Eukaryotic stress granules: the ins and outs of translation

Abstract

The stress response in eukaryotic cells often inhibits translation initiation and leads to the formation of cytoplasmic RNA-protein complexes referred to as stress granules. Stress granules contain nontranslating mRNAs, translation initiation components, and many additional proteins affecting mRNA function. Stress granules have been proposed to affect mRNA translation and stability and have been linked to apoptosis and nuclear processes. Stress granules also interact with P-bodies, another cytoplasmic RNP granule containing nontranslating mRNA, translation repressors, and some mRNA degradation machinery. Together, stress granules and P-bodies reveal a dynamic cycle of distinct biochemical and compartmentalized mRNPs in the cytosol, with implications for the control of mRNA function.

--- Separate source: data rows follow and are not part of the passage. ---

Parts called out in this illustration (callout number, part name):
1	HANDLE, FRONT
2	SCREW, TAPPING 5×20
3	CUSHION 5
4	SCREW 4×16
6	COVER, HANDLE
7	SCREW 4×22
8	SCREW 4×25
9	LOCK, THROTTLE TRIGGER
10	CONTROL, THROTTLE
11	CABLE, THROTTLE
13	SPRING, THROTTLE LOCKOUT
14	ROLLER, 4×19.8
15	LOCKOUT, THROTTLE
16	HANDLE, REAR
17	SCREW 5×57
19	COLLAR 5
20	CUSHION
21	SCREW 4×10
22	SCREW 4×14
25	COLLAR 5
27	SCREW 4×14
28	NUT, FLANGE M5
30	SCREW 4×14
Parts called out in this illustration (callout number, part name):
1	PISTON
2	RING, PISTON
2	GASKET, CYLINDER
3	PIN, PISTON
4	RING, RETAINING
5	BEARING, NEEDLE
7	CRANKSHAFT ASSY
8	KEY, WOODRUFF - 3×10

Figure 1. A continuum of mRNP granules

Select examples of mRNP granules with compositional similarities to both stress granules and P-bodies: C.elegans blastomere germ granules, Gallo et al, 2008; C.elegans arrested ovulation oocyte foci, Jud et al, 2008; Drosophila neuronal transport granules, Barbee et al, 2006; Dendritic P-body, Cougot et al, 2008. Components observed solely in stress granules are highlighted in red, those solely in P-bodies in green, and those seen in both foci are highlighted in yellow. Lists are not necessarily exhaustive, and with specific experimental manipulation, some P-body/stress granule ‘distinct’ components have been observed in both structures.

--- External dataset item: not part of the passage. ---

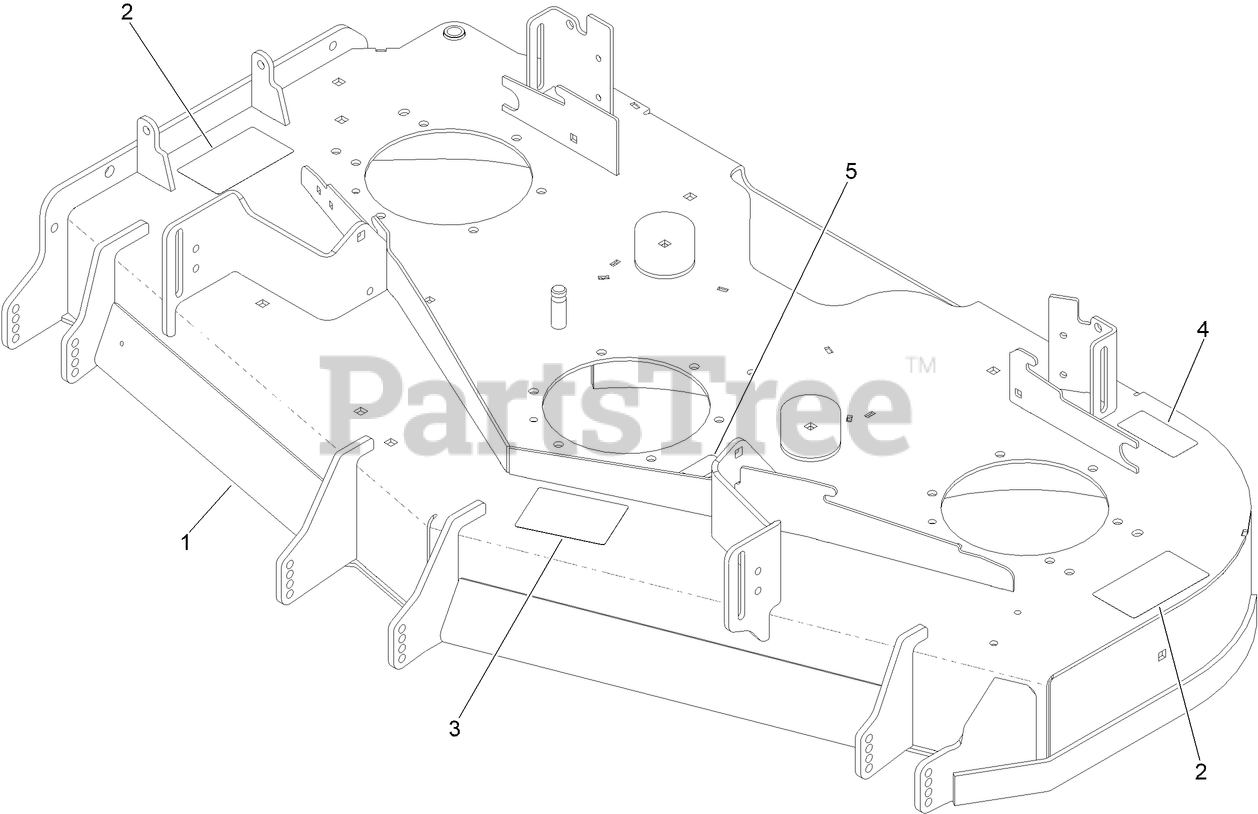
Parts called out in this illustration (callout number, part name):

Figure 2. Model integrating Stress Granules, and P-bodies, into an mRNP cycle

A speculative model for mRNP transitions, particularly during stress. Dashed arrows indicate possible destination of exported nascent transcripts. Wavy purple lines represent microtubules, and their possible contribution of dynein/kinesin-mediated motorized transport to granule aggregation, and/or movement of mRNPs between different mRNP states.